I have a performance problem due to which I cannot lower my head. I am writing a Java application that parses huge (> 20 million lines) text files and stores certain information in a set. I measure performance in seconds per million rows. Since I need a lot of memory, I usually run the program with -Xmx6000m and -Xms4000m.
If I just run the program, it analyzes 1 million lines in 6 seconds. However, after some performance checks, I realized that if I add this code before the actual parsing procedure, the performance increases to less than 3 seconds per 1 million lines:
BufferedReader br = new BufferedReader(new FileReader("graphs.nt")); HashMap<String, String> foo = new HashMap<String, String>(); String line; while ((line = br.readLine()) != null){ foo.put(line, "foo"); } foo = null; br.close(); br = null;
The graphs.nt file is about 9 million lines long. The performance improvement is maintained even if I do not set foo to null, this basically demonstrates that the card is not actually used by the program.
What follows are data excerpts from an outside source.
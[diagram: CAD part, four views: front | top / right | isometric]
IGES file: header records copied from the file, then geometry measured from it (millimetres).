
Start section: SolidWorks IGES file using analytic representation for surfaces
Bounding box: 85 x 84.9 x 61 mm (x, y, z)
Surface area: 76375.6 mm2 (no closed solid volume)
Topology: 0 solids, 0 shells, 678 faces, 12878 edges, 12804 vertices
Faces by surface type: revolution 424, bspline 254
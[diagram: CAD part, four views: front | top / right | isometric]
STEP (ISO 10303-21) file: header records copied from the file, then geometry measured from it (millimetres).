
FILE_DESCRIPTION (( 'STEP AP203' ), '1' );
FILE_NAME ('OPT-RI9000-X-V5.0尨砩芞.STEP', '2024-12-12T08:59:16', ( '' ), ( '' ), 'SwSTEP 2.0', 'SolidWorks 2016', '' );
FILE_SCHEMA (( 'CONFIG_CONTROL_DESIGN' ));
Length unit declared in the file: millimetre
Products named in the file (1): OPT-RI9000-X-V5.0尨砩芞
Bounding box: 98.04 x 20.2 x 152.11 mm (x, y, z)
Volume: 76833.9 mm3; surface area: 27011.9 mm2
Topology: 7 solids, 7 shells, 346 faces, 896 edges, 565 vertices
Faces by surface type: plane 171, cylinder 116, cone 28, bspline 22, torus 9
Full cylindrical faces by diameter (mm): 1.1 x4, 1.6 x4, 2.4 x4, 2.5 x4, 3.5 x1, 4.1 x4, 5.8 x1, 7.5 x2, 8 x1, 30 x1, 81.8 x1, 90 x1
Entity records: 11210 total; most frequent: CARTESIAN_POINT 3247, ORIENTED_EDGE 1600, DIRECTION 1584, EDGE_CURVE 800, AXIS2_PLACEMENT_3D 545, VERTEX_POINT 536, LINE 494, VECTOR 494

The rest of the code is completely unrelated. I use the parser from openrdf sesame to read another (not the graphs.nt file) and save the extracted information in a new HashSet created by another object. In the rest of the code, I create a Parser object to which I pass the Handler Object .
It really bothers me. I guess this somehow makes the JVM allocate more memory for my program, and I can see the prompts when I run the top. Without a HashMap, it allocates about 1 GB of memory. If I initialize the HashMap, it will highlight> 2 Gigs.
My question is: if that sounds perfectly reasonable. Is it possible that creating such a large object will allocate more memory for subsequent program operation? Should -Xmx and -Xms control the allocation of memory, or are there additional arguments that might play a role here?
I know this may seem like a strange question and there is not enough information, but this is all the information that I found related to this problem. If there is additional information that may be useful, I am more than happy to provide it.